State Bank of India (SBI), the country's largest bank and the third largest mortgage lender, too may hike its home loan rates soon, sources said.
 
ICICI Bank also expects interest rates on car loans to increase by 25 to 50 basis points. The bank, however, does not expect interest rates on personal loans and credit cards to go up as margins on these loans are still good.
 
SBI is unlikely to hike its prime lending rate (PLR) and instead increase the spread between the PLR and home loan rates. In other words, the existing customers will not be affected but the new customers will be required to pay more.
 
ICICI Bank's head-retail banking, V Vaidyanathan, said the bank was thus far reviewing the impact of hardening of cost of funds and has now decided to pass on the increased cost to customers anytime before the end of March 2006.
 
ICICI Bank's move follows the leading mortgage lender, Housing Development Finance Corporation's (HDFC) recent announcement of a 50 basis points hike in interest rates across all segments.
 
HDFC took the decision after a 25 basis points increase in the reverse repo rate by the Reserve Bank of India (RBI) on January 24. HDFC's prime lending rate (PLR) stands increased to 11 25 per cent and its floating rate is 8.0-8.75 per cent depending on the size of the loan.
 
Industrial Development Bank of India (IDBI) and LIC Home Finance too has increased interest rates on their home loans.
 
IDBI has, however, refrained from increasing its PLR. An increase in the PLR results in an increase in interest rates on existing floating rate loans also.
 
"There is tight liquidity in the banking system.
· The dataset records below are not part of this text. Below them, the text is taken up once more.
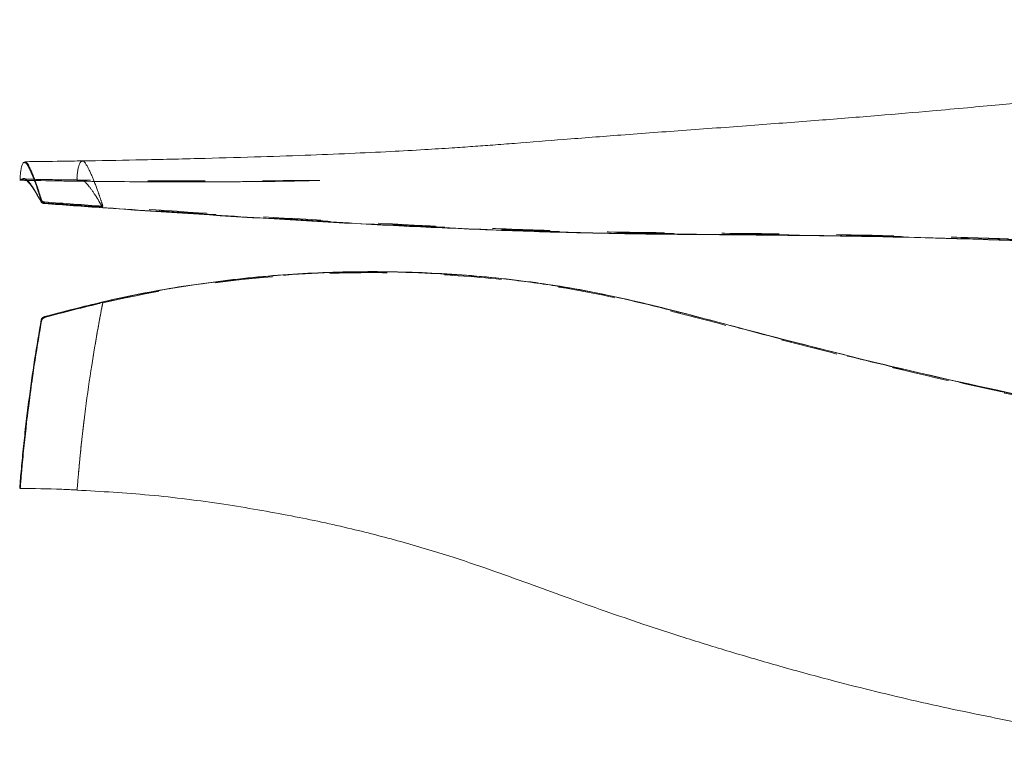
# Model space of a CAD drawing. Header units: inches. Extents: x 3.1 to 10.3, y 7.34 to 9.01.
# Tile 1 of 7: x 3.1 to 4.82, y 7.72 to 9.01. Entities that reach past the tile are written whole.
import ezdxf

# ---------------------------------------------------------------- set-up
doc = ezdxf.new("R2010")
doc.units = ezdxf.units.IN
doc.header["$MEASUREMENT"] = 0
doc.linetypes.add('HIDDEN', pattern=[0.075, 0.05, -0.025])

msp = doc.modelspace()

# ---------------------------------------------------------------- linework, layer by layer
at = {"color": 7, "linetype": 'Continuous', "lineweight": 15}
msp.add_line((3.1023, 8.7303), (3.1011, 8.7305), dxfattribs=at)
at = {"color": 7, "linetype": 'HIDDEN', "lineweight": 0}
for p, q in [((3.154, 8.6882), (3.143, 8.689)), ((3.1495, 8.4925), (3.143, 8.4907))]:
    msp.add_line(p, q, dxfattribs=at)
at = {"color": 7, "linetype": 'Continuous', "lineweight": 15, "flags": 128}
msp.add_lwpolyline([(3.1432, 8.4913), (3.1432, 8.4913), (3.1432, 8.4914), (3.1432, 8.4914), (3.1432, 8.4914), (3.1433, 8.4913), (3.1433, 8.4912), (3.1433, 8.4911), (3.1434, 8.491)], dxfattribs=at)
at = {"color": 7, "linetype": 'HIDDEN', "lineweight": 0}
for centre, radius, start, end in [((3.1385, 8.6928), 0.001, 96.2742, 170.492), ((3.1433, 8.6888), 0.000339, 143.3763, 272.9847), ((3.146, 8.6902), 0.00283, 158.5484, 185.1404), ((3.1514, 8.4922), 0.00847, 189.7509, 197.9553), ((3.1383, 8.4854), 0.00111, 214.1156, 273.2387)]:
    msp.add_arc(centre, radius, start, end, dxfattribs=at)
at = {"color": 7, "linetype": 'Continuous', "lineweight": 15}
for centre, radius, start, end in [((3.1383, 8.6911), 0.000888, 177.3087, 276.0786), ((3.1382, 8.4853), 0.00077, 72.9237, 148.3167)]:
    msp.add_arc(centre, radius, start, end, dxfattribs=at)
for points, knots in [([(5.655, 9.0092), (5.6522, 9.008), (5.6411, 9.0034), (5.615, 8.9927), (5.5758, 8.9782), (5.5295, 8.9645), (5.4699, 8.9503), (5.3951, 8.9372), (5.3018, 8.9231), (5.2173, 8.9097), (5.1414, 8.8985), (5.0796, 8.8901), (5.0233, 8.8832), (4.9756, 8.8778), (4.9355, 8.8734), (4.8968, 8.8694), (4.8552, 8.8653), (4.8065, 8.8606), (4.7515, 8.8555), (4.681, 8.8491), (4.5945, 8.8418), (4.4912, 8.8335), (4.3798, 8.825), (4.2647, 8.8166), (4.1536, 8.8084), (4.0538, 8.8007), (3.9793, 8.7947), (3.9265, 8.7907), (3.8902, 8.788), (3.8507, 8.7853), (3.803, 8.7823), (3.7436, 8.779), (3.6741, 8.7757), (3.5949, 8.7726), (3.5065, 8.7696), (3.4079, 8.7668), (3.3076, 8.7645), (3.2402, 8.7634), (3.2091, 8.7629)], [0, 0, 0, 0, 0.003734, 0.01488, 0.034226, 0.053194, 0.072042, 0.107441, 0.144142, 0.184358, 0.209668, 0.235968, 0.259364, 0.27807, 0.294215, 0.308319, 0.32537, 0.345383, 0.36834, 0.393356, 0.432684, 0.475498, 0.521824, 0.571677, 0.619637, 0.661545, 0.697279, 0.713187, 0.727441, 0.742406, 0.761937, 0.786061, 0.814751, 0.845958, 0.881163, 0.920284, 0.963199, 1, 1, 1, 1]), ([(3.1103, 8.7602), (3.109, 8.7607), (3.1068, 8.7617), (3.1042, 8.7563), (3.1025, 8.7499), (3.1014, 8.7432), (3.101, 8.7387), (3.1009, 8.7363), (3.1009, 8.7349), (3.1009, 8.7338), (3.1009, 8.7327), (3.1009, 8.7317), (3.1011, 8.7303), (3.1016, 8.7288), (3.1022, 8.7292), (3.1026, 8.7294)], [0, 0, 0, 0, 0.2764818, 0.4591328, 0.6455562, 0.7462724, 0.78841, 0.8040029, 0.8131598, 0.8214086, 0.8290064, 0.8383677, 0.8515806, 0.8892293, 1, 1, 1, 1]), ([(3.2092, 8.7629), (3.1972, 8.7627), (3.1638, 8.7621), (3.1304, 8.7618), (3.1091, 8.7615)], [0, 0, 0, 0, 0.359054, 1, 1, 1, 1]), ([(3.1, 8.7291), (3.1244, 8.7287), (3.1584, 8.728), (3.1924, 8.7276), (3.202, 8.7275)], [0, 0, 0, 0, 0.718831, 1, 1, 1, 1]), ([(3.1118, 8.7295), (3.1119, 8.7295), (3.1153, 8.7283), (3.1236, 8.7158), (3.1334, 8.6988), (3.1384, 8.6902)], [0, 0, 0, 0, 0.011671, 0.502458, 1, 1, 1, 1]), ([(3.1374, 8.6911), (3.1324, 8.7002), (3.1229, 8.7173), (3.1157, 8.7252), (3.1123, 8.7289)], [0, 0, 0, 0, 0.530105, 1, 1, 1, 1]), ([(3.202, 8.7275), (3.223, 8.7273), (3.2675, 8.7267), (3.3321, 8.7264), (3.3923, 8.7263), (3.4422, 8.7264), (3.4816, 8.7266), (3.5148, 8.7269), (3.545, 8.7272), (3.5707, 8.7276), (3.5905, 8.728), (3.6039, 8.7283), (3.6134, 8.7286), (3.6189, 8.7288), (3.6216, 8.7288), (3.6229, 8.7289), (3.6233, 8.7289), (3.6233, 8.729), (3.6233, 8.729)], [0, 0, 0, 0, 0.147391, 0.312774, 0.454415, 0.571932, 0.664949, 0.73323, 0.80674, 0.87784, 0.913176, 0.947398, 0.973227, 0.982701, 0.990132, 0.995965, 0.998557, 1, 1, 1, 1]), ([(3.1384, 8.6902), (3.1385, 8.6899), (3.1388, 8.6897), (3.1391, 8.6895), (3.1395, 8.6893), (3.14, 8.6891), (3.1406, 8.6889), (3.1412, 8.6888), (3.1418, 8.6886), (3.1426, 8.6886), (3.1428, 8.6885), (3.143, 8.6885), (3.1433, 8.6885)], [0, 0, 0, 0, 0.00002937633, 0.00002937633, 0.00002937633, 0.00005874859, 0.00005874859, 0.00005874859, 0.00008832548, 0.00008832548, 0.00008832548, 0.00009813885, 0.00009813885, 0.00009813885, 0.00009813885]), ([(5.6173, 8.5403), (5.5925, 8.5477), (5.5425, 8.5627), (5.4626, 8.5754), (5.3816, 8.5833), (5.2743, 8.5928), (5.1414, 8.6071), (4.9778, 8.6187), (4.8103, 8.6255), (4.6402, 8.6303), (4.4708, 8.6332), (4.302, 8.6347), (4.1608, 8.6359), (4.0459, 8.6386), (3.9302, 8.6424), (3.7843, 8.6487), (3.6075, 8.6581), (3.4292, 8.669), (3.2812, 8.6789), (3.1899, 8.6855), (3.1575, 8.6879), (3.154, 8.6882)], [0, 0, 0, 0, 0.032728, 0.066026, 0.098566, 0.131126, 0.196069, 0.261035, 0.330281, 0.399522, 0.468801, 0.538048, 0.607486, 0.642374, 0.677263, 0.746598, 0.816411, 0.887889, 0.959891, 0.995605, 1, 1, 1, 1]), ([(3.2449, 8.6811), (3.3434, 8.6741), (3.4431, 8.6676), (3.594, 8.6586), (3.6446, 8.6557), (3.7455, 8.6504), (3.7959, 8.6479), (3.8966, 8.6435), (3.9471, 8.6414), (4.0473, 8.6381), (4.0969, 8.6369), (4.1955, 8.6352), (4.2445, 8.6348), (4.3423, 8.634), (4.3911, 8.6336), (4.538, 8.6319), (4.6362, 8.6301), (4.7841, 8.6258), (4.8335, 8.6241), (4.9325, 8.6201), (4.982, 8.6177), (5.081, 8.6113), (5.1303, 8.6071), (5.229, 8.5977), (5.2783, 8.5926), (5.3774, 8.5835), (5.4274, 8.5797), (5.5007, 8.5693), (5.5247, 8.5651), (5.5716, 8.5545), (5.5945, 8.5479), (5.6169, 8.5406)], [0, 0, 0, 0, 0.125, 0.125, 0.1875, 0.1875, 0.25, 0.25, 0.3125, 0.3125, 0.375, 0.375, 0.4375, 0.4375, 0.5, 0.5, 0.625, 0.625, 0.6875, 0.6875, 0.75, 0.75, 0.8125, 0.8125, 0.875, 0.875, 0.9375, 0.9375, 0.96875, 0.96875, 1, 1, 1, 1]), ([(5.6185, 8.187), (5.596, 8.1963), (5.573, 8.2047), (5.5259, 8.2192), (5.5018, 8.2253), (5.4285, 8.2414), (5.3784, 8.249), (5.2792, 8.2667), (5.2298, 8.2765), (5.131, 8.2965), (5.0815, 8.3066), (4.9825, 8.3264), (4.9329, 8.3362), (4.8338, 8.3565), (4.7843, 8.367), (4.6362, 8.4002), (4.5378, 8.4244), (4.3908, 8.4622), (4.3418, 8.4753), (4.2439, 8.501), (4.1949, 8.5135), (4.096, 8.5352), (4.0461, 8.5441), (3.9457, 8.5577), (3.8953, 8.5624), (3.7441, 8.5716), (3.6426, 8.5706), (3.4423, 8.5544), (3.3432, 8.5392), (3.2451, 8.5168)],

Consequently, home loan rates should rise because of its wafer thin pricing," ICICI Bank's Vaidyanathan said on the sidelines of a retail banking seminar organised by the Indian Banks' Association (IBA).
 
Vaidyanathan said the current round of interest rate hikes won't affect demand for credit, but continuation of the current trend of hardening rates over a longer period of time would act as a dampener.